Buy a property (Outside of dublin) for €200k that has some growth potential and a decent prospect of steady rent. Thee are loads of properties around the country that fits this bill. Put the other €100k in the highest yielding deposit account out there. Dont invest in shares if you dont feel comfortable doing so. Thats my advice.


----------



## Sarenco (16 Feb 2018)

There are still plenty of 2-bed apartments in central Dublin (Dublin 7 & 8) at around the €250k mark that you would expect to throw off a net income in excess of €1,000 per month.

Obviously any rental property comes with risks but it might be the best option in this case given the parameters set by the OP.


----------



## cremeegg (16 Feb 2018)

Dear Mary,

Cremeegg drew my attention to your post. 

I am a 20 year old student at University in Ireland. If you loan me €200k, I will purchase a property in the estate where I am renting at the moment. €180k purchase price plus €20k for fees, furniture and minor refurb. I will use one room for myself and rent the other rooms to other students. I will charge rent of €14,000 and so avail of the rent a room relief. This is less than the prevailing rent in the area. From this I will pay you €200 per week or €10,400.

In the event that I go abroad for a period during my studies, I can ensure that the property will continue to be rented and managed.

My intention would be that when I graduate in 5 years time I will either (1) sell the house and return your €200k or (2) Remortgage the house and return your €200k, or (3) renew the arrangement for a further period.  The contract would need to allow some flexibility around the timing of this.

I am perfectly happy for you to have a charge over the property and the right to appoint a rent receiver. I am happy for you to have your own solicitor draw up the contract.

This would be an exceptionally good deal for me, giving me rent free accommodation for the 5 year term, I would be in a position to fund the cashflow due to a better return than landlords normally receive, as the rental income would be free of tax. 

It would also give you a return of 5.2% during the term and the €200k returned at the end of that time. I hope that is of interest. 

I would be delighted to hear from you.

regards

FO'C


----------



## Boyd (16 Feb 2018)

jim said:


> Username you mention the plethora of costs after purchasing. Woud you mind outlining what these are please? I spend €200-€300 per yr average on upkeep/repairs. I dont have any annual “service fee” - maybe buy a house 8nstead and avoid this cost. Property tax of course is a nuisance and tax on rental income is what it is but i really do think the argument againts property investment on AAM should be more balanced.


Sure, as I said, I'm not a landlord, this is only from my experience of renting and ringing landlord to say this or that is broken. Perhaps its down to my selected rental quarters! As you mentioned, the upkeep/repairs is the obvious one. To be honest, I would have thought your figure was quite a low outlay per year, considering a single washing machine/white goods replace/repair could cost that alone.
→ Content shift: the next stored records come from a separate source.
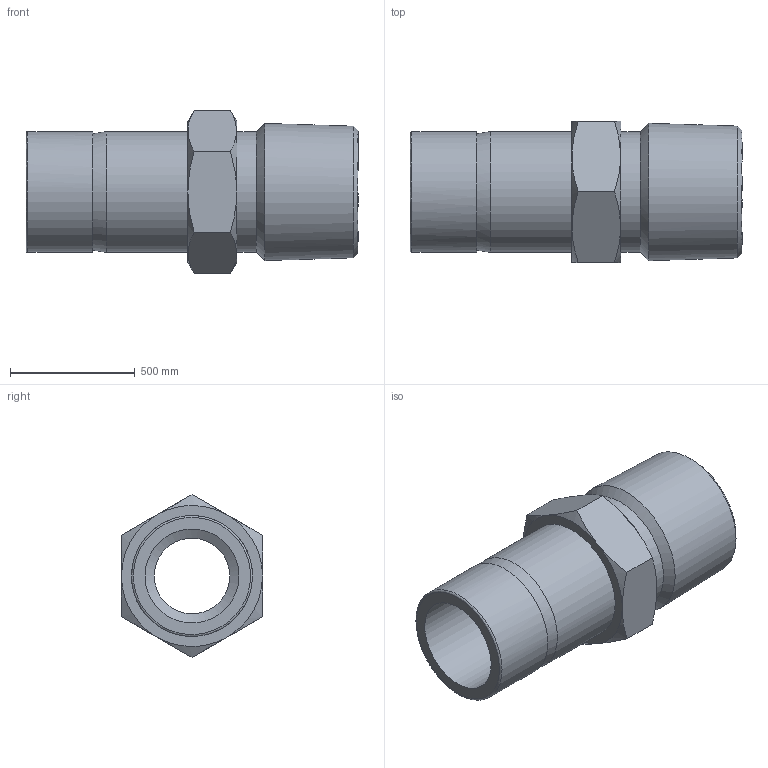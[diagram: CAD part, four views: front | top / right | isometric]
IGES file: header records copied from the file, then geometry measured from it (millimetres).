
Global section: file name: SMA-12-8N; native system: Autodesk Inventor 2016; preprocessor: unknown; author: DESIGNPC2; date: 20151221.103718; units: millimetre
Bounding box: 1328.42 x 564.51 x 651.85 mm (x, y, z)
Volume: 156741597 mm3; surface area: 3997891.9 mm2
Topology: 1 solids, 1 shells, 25 faces, 71 edges, 51 vertices
Faces by surface type: bspline 25

Factor in any re-painting, waste charges, home insurance is another couple of hundred quid, PTRB registration. I mentioned the service fees as apartments were already being discussed in the thread. Obviously if that's not applicable, then that's not an outlay. My point was just to consider that all those _can _add up if you are on a tight budget, not that all were applicable in all scenarios.

Dealing with any sort of unruly/disruptive tenants is another thing that comes with a time/stress cost.


----------



## Gordon Gekko (16 Feb 2018)

On balance, a rental property wouldn’t be the worst thing in the world. A diversified REIT portfolio would be better, and diversification across asset classes would be even better. But sometimes simplicity is best.


----------



## Jim2007 (16 Feb 2018)

Mary17 said:


> I know the price of property could go down in that time but at least I would have some income from it and could hold on a bit longer until the time was right to sell it.



Except that the income generated will also fall and how long can you hold on? Ten years , fifteen years.... some people are still sitting on negative equity.  The fact you can not move a house means that you are 100% dependent on the market in that location and it does not matter in the slightest how the market is going else where.  In the last recession the Irish lost the most personal wealth in the EU for the simple reason that they insisted in holding one of the most risky asset classes around, holding lots of it and borrowing to do so.  If you insist on property at least by a European REIT, not one those penny stock Irish REITs.


----------



## Aurora (16 Feb 2018)

cremeegg said:


> Dear Mary,
> 
> Cremeegg drew my attention to your post.
> 
> ...


----------



## Gordon Gekko (16 Feb 2018)

Is buying yourself a home or a bigger home an option with a view to generating tax-free “Rent-a-Room” income?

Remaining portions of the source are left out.